Increased ongoing neural variability in ADHD

• Published in: Cortex Vol. 81; pp. 50 - 63
• Main Authors: Gonen-Yaacovi, Gil, Arazi, Ayelet, Shahar, Nitzan, Karmon, Anat, Haar, Shlomi, Meiran, Nachshon, Dinstein, Ilan
• Format: Journal Article
• Language: English
• Published: Italy Elsevier Ltd 01.08.2016
• Subjects: ADHD; Adult; Attention; Attention Deficit Disorder with Hyperactivity - physiopathology; Attention Deficit Disorder with Hyperactivity - psychology; EEG; Female; Humans; Image Processing, Computer-Assisted - methods; Intra-individual variability; Male; Nerve Net - physiology; Neuropsychological Tests; Noise; Psychomotor Performance - physiology; Reaction Time - physiology; Sensory systems; Sensory systems; ADHD; Noise; EEG; Intra-individual variability
• ISSN: 0010-9452; 1973-8102; 1973-8102
• DOI: 10.1016/j.cortex.2016.04.010

Attention Deficit Hyperactivity Disorder (ADHD) has been described as a disorder where frequent lapses of attention impair the ability of an individual to focus/attend in a sustained manner, thereby generating abnormally large intra-individual behavioral variability across trials.
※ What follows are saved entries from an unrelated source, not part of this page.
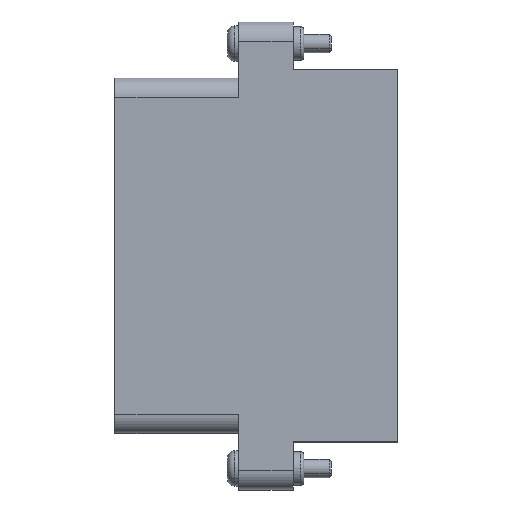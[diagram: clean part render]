
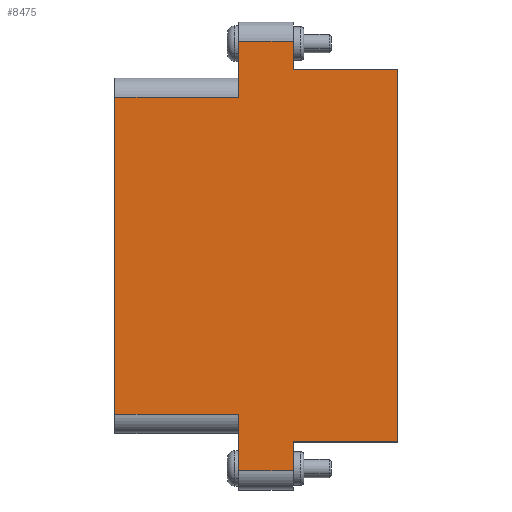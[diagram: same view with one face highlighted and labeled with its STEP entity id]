
A CAD part, top view. The second image highlights one B-rep face of the part: STEP entity #8475.
In plain terms, the highlighted planar face has unit normal (0, 0, 1).
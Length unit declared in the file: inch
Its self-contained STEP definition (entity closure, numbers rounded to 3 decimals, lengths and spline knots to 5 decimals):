
#75 = VECTOR ( 'NONE', #3133, 39.37008 ) ;
#80 = EDGE_CURVE ( 'NONE', #10623, #9526, #12598, .T. ) ;
#91 = ORIENTED_EDGE ( 'NONE', *, *, #10117, .T. ) ;
#120 = CARTESIAN_POINT ( 'NONE',  ( 27.33563, 35.73583, 51.26469 ) ) ;
#462 = DIRECTION ( 'NONE',  ( 0., 1., 0. ) ) ;
#552 = CARTESIAN_POINT ( 'NONE',  ( 27.07763, 35.87583, 51.26469 ) ) ;
#616 = DIRECTION ( 'NONE',  ( 0., 1., 0. ) ) ;
#669 = VERTEX_POINT ( 'NONE', #4014 ) ;
#712 = DIRECTION ( 'NONE',  ( 1., 0., 0. ) ) ;
#895 = DIRECTION ( 'NONE',  ( 1., 0., 0. ) ) ;
#921 = DIRECTION ( 'NONE',  ( 0., 1., 0. ) ) ;
#991 = CARTESIAN_POINT ( 'NONE',  ( 27.33563, 35.92583, 51.26469 ) ) ;
#998 = CARTESIAN_POINT ( 'NONE',  ( 27.33563, 33.51583, 51.26469 ) ) ;
#1164 = ORIENTED_EDGE ( 'NONE', *, *, #8816, .F. ) ;
#1397 = DIRECTION ( 'NONE',  ( 0., 1., 0. ) ) ;
#1497 = ORIENTED_EDGE ( 'NONE', *, *, #12570, .F. ) ;
#1557 = VECTOR ( 'NONE', #616, 39.37008 ) ;
#1653 = LINE ( 'NONE', #8113, #13047 ) ;
#1867 = AXIS2_PLACEMENT_3D ( 'NONE', #5812, #10019, #895 ) ;
#1970 = EDGE_CURVE ( 'NONE', #7532, #10623, #1653, .T. ) ;
#2390 = DIRECTION ( 'NONE',  ( 1., 0., 0. ) ) ;
#2568 = FACE_OUTER_BOUND ( 'NONE', #6514, .T. ) ;
#2729 = CARTESIAN_POINT ( 'NONE',  ( 27.07763, 33.56583, 51.26469 ) ) ;
#3133 = DIRECTION ( 'NONE',  ( 0., 1., 0. ) ) ;
#3348 = CARTESIAN_POINT ( 'NONE',  ( 27.82763, 35.60083, 51.26469 ) ) ;
#3363 = VERTEX_POINT ( 'NONE', #12253 ) ;
#3431 = ORIENTED_EDGE ( 'NONE', *, *, #80, .T. ) ;
#3484 = LINE ( 'NONE', #11796, #11407 ) ;
#3573 = VERTEX_POINT ( 'NONE', #7741 ) ;
#3762 = VERTEX_POINT ( 'NONE', #7310 ) ;
#4014 = CARTESIAN_POINT ( 'NONE',  ( 27.07763, 35.73583, 51.26469 ) ) ;
#4081 = EDGE_CURVE ( 'NONE', #6287, #3762, #3484, .T. ) ;
#4142 = LINE ( 'NONE', #8353, #8402 ) ;
#4348 = CARTESIAN_POINT ( 'NONE',  ( 27.33563, 33.84083, 51.26469 ) ) ;
#4702 = LINE ( 'NONE', #8913, #9965 ) ;
#5421 = CARTESIAN_POINT ( 'NONE',  ( 27.82763, 33.84083, 51.26469 ) ) ;
#5486 = DIRECTION ( 'NONE',  ( 1., 0., 0. ) ) ;
#5812 = CARTESIAN_POINT ( 'NONE',  ( 27.82763, 35.92583, 51.26469 ) ) ;
#5960 = LINE ( 'NONE', #10171, #10862 ) ;
#6287 = VERTEX_POINT ( 'NONE', #10699 ) ;
#6514 = EDGE_LOOP ( 'NONE', ( #10950, #1164, #91, #6802, #12445, #6931, #10718, #3431, #7079, #1497, #10933, #8133 ) ) ;
#6531 = LINE ( 'NONE', #12035, #11349 ) ;
#6802 = ORIENTED_EDGE ( 'NONE', *, *, #8256, .T. ) ;
#6931 = ORIENTED_EDGE ( 'NONE', *, *, #9342, .T. ) ;
#7079 = ORIENTED_EDGE ( 'NONE', *, *, #13686, .T. ) ;
#7310 = CARTESIAN_POINT ( 'NONE',  ( 27.07763, 33.97083, 51.26469 ) ) ;
#7320 = DIRECTION ( 'NONE',  ( 1., 0., 0. ) ) ;
#7532 = VERTEX_POINT ( 'NONE', #3348 ) ;
#7741 = CARTESIAN_POINT ( 'NONE',  ( 27.33563, 33.70583, 51.26469 ) ) ;
#8113 = CARTESIAN_POINT ( 'NONE',  ( 27.33563, 35.60083, 51.26469 ) ) ;
#8133 = ORIENTED_EDGE ( 'NONE', *, *, #9218, .F. ) ;
#8256 = EDGE_CURVE ( 'NONE', #3573, #9148, #12678, .T. ) ;
#8336 = VERTEX_POINT ( 'NONE', #5421 ) ;
#8353 = CARTESIAN_POINT ( 'NONE',  ( 26.49263, 35.60083, 51.26469 ) ) ;
#8402 = VECTOR ( 'NONE', #12652, 39.37008 ) ;
#8470 = EDGE_CURVE ( 'NONE', #9148, #8336, #6531, .T. ) ;
#8475 = ADVANCED_FACE ( 'NONE', ( #2568 ), #13138, .T. ) ;
#8689 = VECTOR ( 'NONE', #462, 39.37008 ) ;
#8816 = EDGE_CURVE ( 'NONE', #11480, #3762, #10957, .T. ) ;
#8913 = CARTESIAN_POINT ( 'NONE',  ( 27.82763, 35.60083, 51.26469 ) ) ;
#9070 = VECTOR ( 'NONE', #921, 39.37008 ) ;
#9139 = EDGE_CURVE ( 'NONE', #3363, #9310, #11547, .T. ) ;
#9148 = VERTEX_POINT ( 'NONE', #4348 ) ;
#9218 = EDGE_CURVE ( 'NONE', #6287, #3363, #4142, .T. ) ;
#9310 = VERTEX_POINT ( 'NONE', #9872 ) ;
#9342 = EDGE_CURVE ( 'NONE', #8336, #7532, #4702, .T. ) ;
#9404 = LINE ( 'NONE', #13634, #9675 ) ;
#9526 = VERTEX_POINT ( 'NONE', #120 ) ;
#9675 = VECTOR ( 'NONE', #12396, 39.37008 ) ;
#9727 = CARTESIAN_POINT ( 'NONE',  ( 27.33563, 35.60083, 51.26469 ) ) ;
#9872 = CARTESIAN_POINT ( 'NONE',  ( 27.07763, 35.47083, 51.26469 ) ) ;
#9965 = VECTOR ( 'NONE', #1397, 39.37008 ) ;
#10019 = DIRECTION ( 'NONE',  ( 0., 0., 1. ) ) ;
#10072 = LINE ( 'NONE', #552, #1557 ) ;
#10117 = EDGE_CURVE ( 'NONE', #11480, #3573, #5960, .T. ) ;
#10171 = CARTESIAN_POINT ( 'NONE',  ( 27.33563, 33.70583, 51.26469 ) ) ;
#10623 = VERTEX_POINT ( 'NONE', #9727 ) ;
#10699 = CARTESIAN_POINT ( 'NONE',  ( 26.49263, 33.97083, 51.26469 ) ) ;
#10718 = ORIENTED_EDGE ( 'NONE', *, *, #1970, .T. ) ;
#10862 = VECTOR ( 'NONE', #712, 39.37008 ) ;
#10933 = ORIENTED_EDGE ( 'NONE', *, *, #9139, .F. ) ;
#10950 = ORIENTED_EDGE ( 'NONE', *, *, #4081, .T. ) ;
#10957 = LINE ( 'NONE', #2729, #8689 ) ;
#11078 = VECTOR ( 'NONE', #7320, 39.37008 ) ;
#11349 = VECTOR ( 'NONE', #5486, 39.37008 ) ;
#11407 = VECTOR ( 'NONE', #2390, 39.37008 ) ;
#11480 = VERTEX_POINT ( 'NONE', #12691 ) ;
#11547 = LINE ( 'NONE', #11617, #11078 ) ;
#11617 = CARTESIAN_POINT ( 'NONE',  ( 26.49263, 35.47083, 51.26469 ) ) ;
#11796 = CARTESIAN_POINT ( 'NONE',  ( 26.49263, 33.97083, 51.26469 ) ) ;
#12035 = CARTESIAN_POINT ( 'NONE',  ( 27.33563, 33.84083, 51.26469 ) ) ;
#12253 = CARTESIAN_POINT ( 'NONE',  ( 26.49263, 35.47083, 51.26469 ) ) ;
#12341 = DIRECTION ( 'NONE',  ( -1., 0., 0. ) ) ;
#12396 = DIRECTION ( 'NONE',  ( -1., 0., 0. ) ) ;
#12445 = ORIENTED_EDGE ( 'NONE', *, *, #8470, .T. ) ;
#12570 = EDGE_CURVE ( 'NONE', #9310, #669, #10072, .T. ) ;
#12598 = LINE ( 'NONE', #991, #9070 ) ;
#12652 = DIRECTION ( 'NONE',  ( 0., 1., 0. ) ) ;
#12678 = LINE ( 'NONE', #998, #75 ) ;
#12691 = CARTESIAN_POINT ( 'NONE',  ( 27.07763, 33.70583, 51.26469 ) ) ;
#13047 = VECTOR ( 'NONE', #12341, 39.37008 ) ;
#13138 = PLANE ( 'NONE',  #1867 ) ;
#13634 = CARTESIAN_POINT ( 'NONE',  ( 27.07763, 35.73583, 51.26469 ) ) ;
#13686 = EDGE_CURVE ( 'NONE', #9526, #669, #9404, .T. ) ;

Indeed, increased reaction time (RT) variability is a fundamental behavioral characteristic of individuals with ADHD found across a large number of cognitive tasks. But what is the underlying neurophysiology that might generate such behavioral instability? Here, we examined trial-by-trial EEG response variability to visual and auditory stimuli while subjects' attention was diverted to an unrelated task at the fixation cross. Comparisons between adult ADHD and control participants revealed that neural response variability was significantly larger in the ADHD group as compared with the control group in both sensory modalities. Importantly, larger trial-by-trial variability in ADHD was apparent before and after stimulus presentation as well as in trials where the stimulus was omitted, suggesting that ongoing (rather than stimulus-evoked) neural activity is continuously more variable (noisier) in ADHD. While the patho-physiological mechanisms causing this increased neural variability remain unknown, they appear to act continuously rather than being tied to a specific sensory or cognitive process.